The Critics’ Choice Award went to Ramon Zürcher’s The Sparrow In The Chimney, while the Friedrich Ebert Foundation’s prize for socially- engaged cinema was won by Julian Brave NoiseCat and Emily Kassie for feature documentary Sugarcane
The audience award was won by Roxana Samadi’s documentary Souls Unshackled - Let Us Be In A Hurry To Be Human.
The MICHEL Children and Youth Film Festival’s jury of seven children and young people aged between 12 and 16 presented its €10,000 award to Norwegian director Eirik Sæter Stordahl’s debut Lars is LOL about bullying, friendship and peer pressure, with a special mention going to It’s Okay! by South Korea’s Kim Hye-young.
Earlier in the week Georgian director Dea Kulumbegashvili became the second recipient of the €10,000 Albert Wiederspiel prize for International Film Directing, launched in 2023 by the Hapag-Lloyd Foundation and named after Rabahallah’s predecessor as Filmfest director.
The prize was presented ahead of the German premiere of Kulumbegashvili’s April which won the special jury prize in Venice’s last month.
Additionally, Ukraine’s Molodist International Film Festival, the festival within a festival held for a third year as part of Filmfest Hamburg, presented its Scythian Deer prize for best film in the national competition to Maryna Vroda’s debut feature Stepne; a special mention was given to Dmytro Moiseiev’s Grey Bees.
Guests
The 2024 edition of the Filmfest hosted more than 300 guests from 29 countries, including directors Nora Fingscheidt, Matthew Rankin, Michel Hazanavicius, Chiara Fleischhacker, Jacques Audiard, Thomas Vinterberg, Fleur Fortuné as well as actors Diane Kruger, Iryna Ostrovska, Anatole Taubmann, Vishka Aseyesh, Lamin Leroy Gibba, and Maiwène Barthelemy, among others.

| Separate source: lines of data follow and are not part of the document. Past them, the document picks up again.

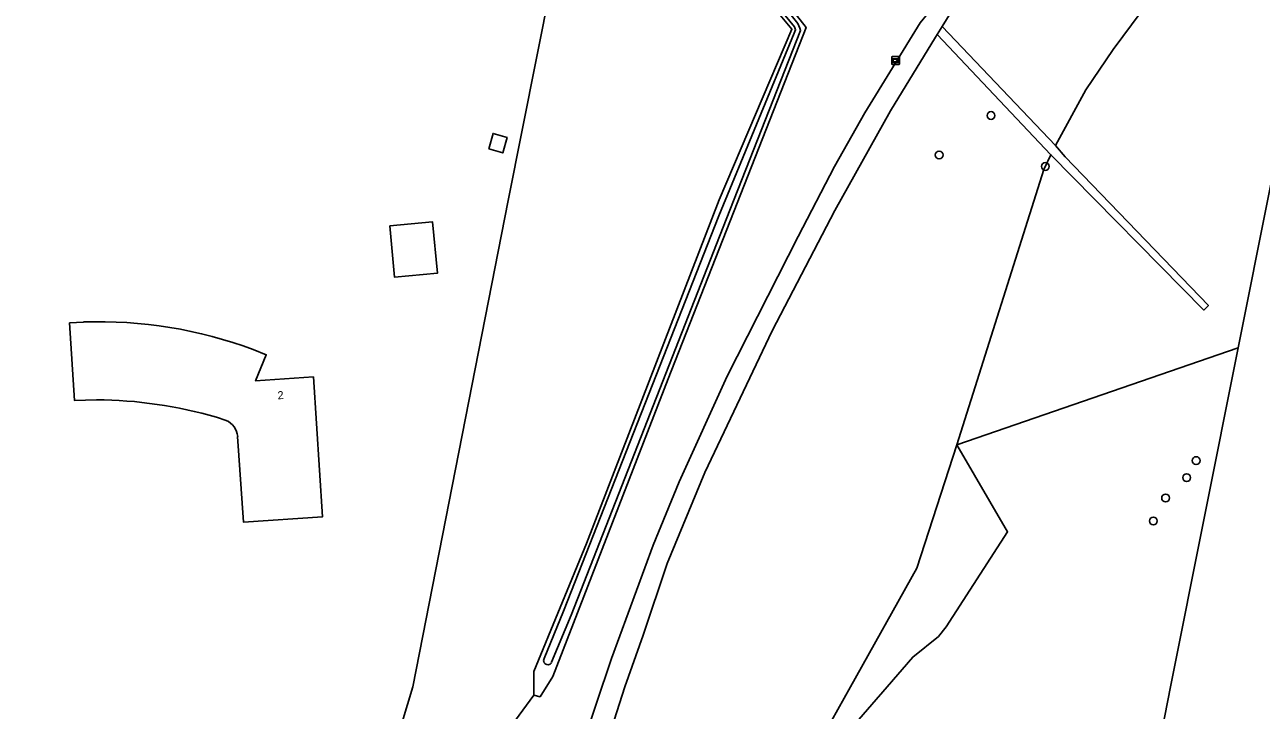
# Model space of a CAD drawing. Extents: x 162417 to 163722, y 384268 to 385417.
# Drawn here: x 162964 to 163118.6, y 385247.1 to 385332.8 of the extents above; entities that cross this region are included whole.
import ezdxf

# ---------------------------------------------------------------- set-up
doc = ezdxf.new("R2010")
doc.units = 0
for name, color, linetype in [('IMGEO_Boom', 7, 'Continuous'), ('IMGEO_Erf', 7, 'Continuous'), ('IMGEO_Gemengd_bos', 7, 'Continuous'), ('IMGEO_Groenvoorziening', 7, 'Continuous'), ('IMGEO_Oever', 7, 'Continuous'), ('IMGEO_Pand', 7, 'Continuous'), ('IMGEO_Pand_nummerreeks', 7, 'Continuous'), ('IMGEO_Voetpad_halfverhard', 7, 'Continuous'), ('IMGEO_Waterloop', 7, 'Continuous'), ('IMGEO_Wegwijzer', 7, 'Continuous')]:
    doc.layers.add(name, color=color, linetype=linetype)

msp = doc.modelspace()

# ---------------------------------------------------------------- linework, layer by layer
at = {"layer": 'IMGEO_Boom'}
for centre in [(163084.79, 385321.44), (163078.31, 385316.51), (163091.58, 385315.07), (163110.43, 385278.28), (163109.25, 385276.15), (163106.61, 385273.61), (163105.08, 385270.73)]:
    msp.add_circle(centre, 0.489, dxfattribs=at)
at = {"layer": 'IMGEO_Erf'}
for points in [[(162977.02, 385225.24), (162980.92, 385219.88), (162983.1, 385215.85), (162999.67, 385223.85), (163002.31, 385228.02), (163005.52, 385233.58), (163009.66, 385241.99), (163011.19, 385245.56), (163012.52, 385250), (163024.43, 385310.81), (163029.79, 385337.67), (162986.75, 385346.16), (162983.96, 385346.72), (162964.03, 385350.65)], [(163123.47, 385331.45), (163115.67, 385292.37), (163107.22, 385250), (163103.3, 385229.91), (163087.26, 385230.97), (163087.35, 385230.19), (163089.09, 385214.58), (163090.71, 385200.08), (163093.74, 385172.91), (163098.45, 385137), (163098.96, 385135.24), (163080.24, 385131.33), (163083.11, 385123.51), (163095.42, 385082.81), (163109.64, 385035.76), (163200.68, 385063.02)], [(162973, 385285.9), (162970.26, 385285.79), (162969.63, 385295.5), (162971.38, 385295.61)], [(162992.58, 385292.16), (162994.21, 385291.52), (162992.87, 385288.25), (163000.1, 385288.75)], [(163000.1, 385288.75), (163001.24, 385271.23), (162991.35, 385270.58), (162990.64, 385281.29)], [(162989.2, 385283.3), (162987.98, 385283.71)]]:
    msp.add_lwpolyline(points, dxfattribs=at)
for points in [[(163022.02, 385317.27), (163022.57, 385319.2), (163024.32, 385318.71), (163023.77, 385316.77)], [(163009.64, 385307.63), (163014.99, 385308.14), (163015.61, 385301.72), (163010.25, 385301.21)]]:
    msp.add_lwpolyline(points, close=True, dxfattribs=at)
for centre, radius, start, end in [((162973.31, 385240.62), 55.03, 69.4939, 92.0102), ((162972.48, 385229.92), 55.98, 73.9298, 89.464), ((162988.23, 385281.09), 2.42, 4.7975, 66.3693)]:
    msp.add_arc(centre, radius, start, end, dxfattribs=at)
at = {"layer": 'IMGEO_Gemengd_bos'}
msp.add_lwpolyline([(163134.87, 385346.57), (163129.12, 385354.44), (163103.55, 385334.4), (163100.06, 385329.69), (163096.66, 385324.65), (163092.84, 385317.68), (163094.06, 385316.26), (163111.97, 385297.66), (163111.38, 385297.11), (163092.28, 385316.53), (163091.39, 385314.7), (163080.54, 385280.24), (163115.67, 385292.37), (163123.47, 385331.45), (163125.26, 385340.42), (163154.66, 385322.14), (163171.61, 385317.19), (163171.93, 385318.81), (163149.97, 385333.18)], dxfattribs=at)
for points in [[(163107.22, 385250), (163115.67, 385292.37), (163080.54, 385280.24), (163086.86, 385269.38), (163079.19, 385257.47), (163078.22, 385256.3), (163075.02, 385253.7), (163071.81, 385250), (163060.59, 385237.05), (163057.27, 385229.43), (163054.51, 385220.49), (163053.47, 385216.03), (163053.02, 385211.75), (163056.37, 385211.01), (163056.72, 385199.79), (163090.71, 385200.08), (163089.09, 385214.58), (163087.35, 385230.19), (163087.26, 385230.97), (163103.3, 385229.91)], [(163071.81, 385250), (163075.02, 385253.7), (163078.22, 385256.3), (163079.19, 385257.47), (163086.86, 385269.38), (163080.54, 385280.24), (163075.52, 385264.83), (163067.23, 385250), (163064.85, 385245.75), (163062.04, 385240.39), (163060.59, 385237.05)]]:
    msp.add_lwpolyline(points, close=True, dxfattribs=at)
at = {"layer": 'IMGEO_Groenvoorziening'}
for points in [[(163122.71, 385369.45), (163120.56, 385378.46), (163108.97, 385366), (163097.9, 385353.97), (163087.24, 385342.4), (163079.77, 385334.32), (163078.68, 385332.56), (163092.84, 385317.68), (163096.66, 385324.65), (163100.06, 385329.69), (163103.55, 385334.4), (163129.12, 385354.44)], [(162967.17, 385354.52), (162964.03, 385350.65), (162983.96, 385346.72), (162986.75, 385346.16), (163029.79, 385337.67), (163024.43, 385310.81), (163012.52, 385250), (163011.19, 385245.56)], [(163047.67, 385350.42), (163061.68, 385332.47), (163044.45, 385288.5), (163030.01, 385251.27), (163028.43, 385248.75), (163027.67, 385248.94), (163019.63, 385237.96), (162993.26, 385185.69), (162995.25, 385176.49), (162997.06, 385163.99), (162998.03, 385154.51), (162998.95, 385150.01), (163000, 385142.56), (163002.25, 385125.39), (163004.52, 385111.54), (163004.66, 385109.53), (163006.03, 385098.33), (163007.34, 385084.81), (163008.65, 385073.79), (163009.84, 385060.55), (163010.41, 385056.14), (163012.68, 385031.16), (163013.78, 385015.41)], [(163019.63, 385237.96), (163027.67, 385248.94), (163027.67, 385251.91), (163034.23, 385267.93), (163050.83, 385310.9), (163059.91, 385332.22), (163046.16, 385348.81)], [(163033.48, 385241.98), (163037.34, 385253.52), (163042.57, 385267.72), (163045.81, 385275.63), (163051.83, 385288.85), (163060.69, 385306.29), (163065.22, 385315.05), (163069.02, 385321.76), (163075.92, 385333.04)], [(163064.85, 385245.75), (163067.23, 385250), (163075.52, 385264.83), (163080.54, 385280.24), (163091.39, 385314.7), (163092.28, 385316.53), (163078.07, 385331.58), (163077.87, 385331.26), (163072.21, 385322.02), (163065.28, 385309.54), (163057.46, 385294.51), (163049.04, 385276.79), (163044.33, 385265.41), (163041.33, 385256.44), (163039.04, 385250), (163034.13, 385234.62)]]:
    msp.add_lwpolyline(points, dxfattribs=at)
at = {"layer": 'IMGEO_Oever'}
for points in [[(162969.15, 385356.88), (162969.63, 385357.25), (162982.42, 385366.21), (162984.69, 385367.47), (162987.51, 385368.27), (162989.54, 385368.52), (162991.49, 385368.65), (162993.52, 385368.6), (162995.24, 385368.18), (163032.28, 385358.41), (163036, 385357.33), (163038.6, 385356.27), (163041.71, 385354.62), (163043.86, 385353.13), (163045.92, 385351.53), (163047.28, 385349.92), (163048.35, 385348.37), (163060.66, 385332.94), (163060.9, 385332.37), (163060.99, 385332.06), (163051.71, 385308.42), (163032.31, 385258.96), (163029.88, 385253.05)], [(163044.45, 385288.5), (163061.68, 385332.47), (163047.67, 385350.42)], [(163046.16, 385348.81), (163059.91, 385332.22), (163050.83, 385310.9), (163034.23, 385267.93), (163027.67, 385251.91), (163027.67, 385248.94), (163028.43, 385248.75), (163030.01, 385251.27), (163044.45, 385288.5)], [(163028.95, 385253.54), (163031.38, 385259.46), (163050.78, 385308.91), (163060.2, 385331.75), (163060.36, 385332.16), (163060.22, 385332.54), (163047.07, 385348.57)]]:
    msp.add_lwpolyline(points, dxfattribs=at)
msp.add_arc((163029.41, 385253.28), 0.527, 150.0028, 333.801, dxfattribs=at)
at = {"layer": 'IMGEO_Pand'}
for points in [[(163022.02, 385317.27), (163023.77, 385316.77), (163024.32, 385318.71), (163022.57, 385319.2)], [(163009.64, 385307.63), (163010.25, 385301.21), (163015.61, 385301.72), (163014.99, 385308.14)]]:
    msp.add_lwpolyline(points, close=True, dxfattribs=at)
for points in [[(162971.38, 385295.61), (162969.63, 385295.5), (162970.26, 385285.79), (162973, 385285.9)], [(163000.1, 385288.75), (162992.87, 385288.25), (162994.21, 385291.52), (162992.58, 385292.16)], [(162990.64, 385281.29), (162991.35, 385270.58), (163001.24, 385271.23), (163000.1, 385288.75)], [(162987.98, 385283.71), (162989.2, 385283.3)]]:
    msp.add_lwpolyline(points, dxfattribs=at)
for centre, radius, start, end in [((162973.31, 385240.62), 55.03, 69.4939, 92.0102), ((162972.48, 385229.92), 55.98, 73.9298, 89.464), ((162988.23, 385281.09), 2.42, 4.7975, 66.3693)]:
    msp.add_arc(centre, radius, start, end, dxfattribs=at)
at = {"layer": 'IMGEO_Voetpad_halfverhard'}
for points in [[(163121.67, 385383.32), (163109.06, 385369.37), (163095.28, 385354.73), (163079.76, 385337.73), (163075.92, 385333.04), (163069.02, 385321.76), (163065.22, 385315.05), (163060.69, 385306.29), (163051.83, 385288.85), (163045.81, 385275.63), (163042.57, 385267.72), (163037.34, 385253.52), (163033.48, 385241.98), (163031.15, 385233.91), (163030.02, 385230.17), (163026.09, 385216.88), (163024.11, 385208.78), (163023.12, 385204.29), (163021.14, 385194.9), (163018.46, 385178.56), (163016.83, 385164.9), (163015.77, 385153.98)], [(163034.13, 385234.62), (163039.04, 385250), (163041.33, 385256.44), (163044.33, 385265.41), (163049.04, 385276.79), (163057.46, 385294.51), (163065.28, 385309.54), (163072.21, 385322.02), (163077.87, 385331.26), (163078.07, 385331.58), (163078.68, 385332.56), (163079.77, 385334.32), (163087.24, 385342.4), (163097.9, 385353.97), (163108.97, 385366), (163120.56, 385378.46)]]:
    msp.add_lwpolyline(points, dxfattribs=at)
at = {"layer": 'IMGEO_Waterloop'}
for points in [[(163029.88, 385253.05), (163032.31, 385258.96), (163051.71, 385308.42), (163060.99, 385332.06), (163060.9, 385332.37), (163060.66, 385332.94), (163048.35, 385348.37), (163047.28, 385349.92), (163045.92, 385351.53), (163043.86, 385353.13), (163041.71, 385354.62), (163038.6, 385356.27), (163036, 385357.33), (163032.28, 385358.41), (162995.24, 385368.18), (162993.52, 385368.6), (162991.49, 385368.65), (162989.54, 385368.52), (162987.51, 385368.27), (162984.69, 385367.47), (162982.42, 385366.21), (162969.63, 385357.25)], [(163047.07, 385348.57), (163060.22, 385332.54), (163060.36, 385332.16), (163060.2, 385331.75), (163050.78, 385308.91), (163031.38, 385259.46), (163028.95, 385253.54)]]:
    msp.add_lwpolyline(points, dxfattribs=at)
msp.add_lwpolyline([(163094.06, 385316.26), (163092.84, 385317.68), (163078.68, 385332.56), (163078.07, 385331.58), (163092.28, 385316.53), (163111.38, 385297.11), (163111.97, 385297.66)], close=True, dxfattribs=at)
msp.add_arc((163029.41, 385253.28), 0.527, 150.0028, 333.801, dxfattribs=at)
at = {"layer": 'IMGEO_Wegwijzer'}
for p, q in [((163072.38, 385327.92), (163072.38, 385328.71)), ((163072.38, 385328.71), (163072.38, 385327.92)), ((163072.48, 385328.81), (163073.27, 385328.81)), ((163073.27, 385328.81), (163072.48, 385328.81)), ((163073.27, 385327.82), (163072.48, 385327.82)), ((163072.48, 385327.82), (163073.27, 385327.82)), ((163073.37, 385328.71), (163073.37, 385327.92)), ((163073.37, 385327.92), (163073.37, 385328.71))]:
    msp.add_line(p, q, dxfattribs=at)
for points in [[(163072.48, 385328.55), (163073.27, 385328.55), (163073.27, 385328.08), (163072.48, 385328.08), (163072.48, 385328.55)], [(163072.55, 385328.48), (163072.55, 385328.15), (163073.21, 385328.15), (163073.21, 385328.48), (163072.55, 385328.48)]]:
    msp.add_lwpolyline(points, dxfattribs=at)
for centre, start, end in [((163072.48, 385328.71), 90, 180), ((163072.48, 385328.71), 90, 180), ((163072.48, 385327.92), 180, 270), ((163072.48, 385327.92), 180, 270), ((163073.27, 385328.71), 0, 90), ((163073.27, 385328.71), 360, 90), ((163073.27, 385327.92), 270, 0), ((163073.27, 385327.92), 270, 0)]:
    msp.add_arc(centre, 0.1, start, end, dxfattribs=at)

# ---------------------------------------------------------------- texts
at = {"layer": 'IMGEO_Pand_nummerreeks'}
msp.add_text('2', height=1, rotation=3.7185, dxfattribs=at).set_placement((162995.66, 385285.94))

doc.saveas('drawing.dxf')

Highlights during the Filmfest’s 10 days included the German premiere of Mohammad Rasoulof’s The Seed Of The Secret Fig, the world premieres of two debut features - Chiara Fleischhacker’s Vena and Carly M. Borgstrom’s Spirit In The Blood -, and the screening of all six episodes of the TV series Black Fruit casting an idiosyncratic spotlight on the lives of Black and queer people in Hamburg.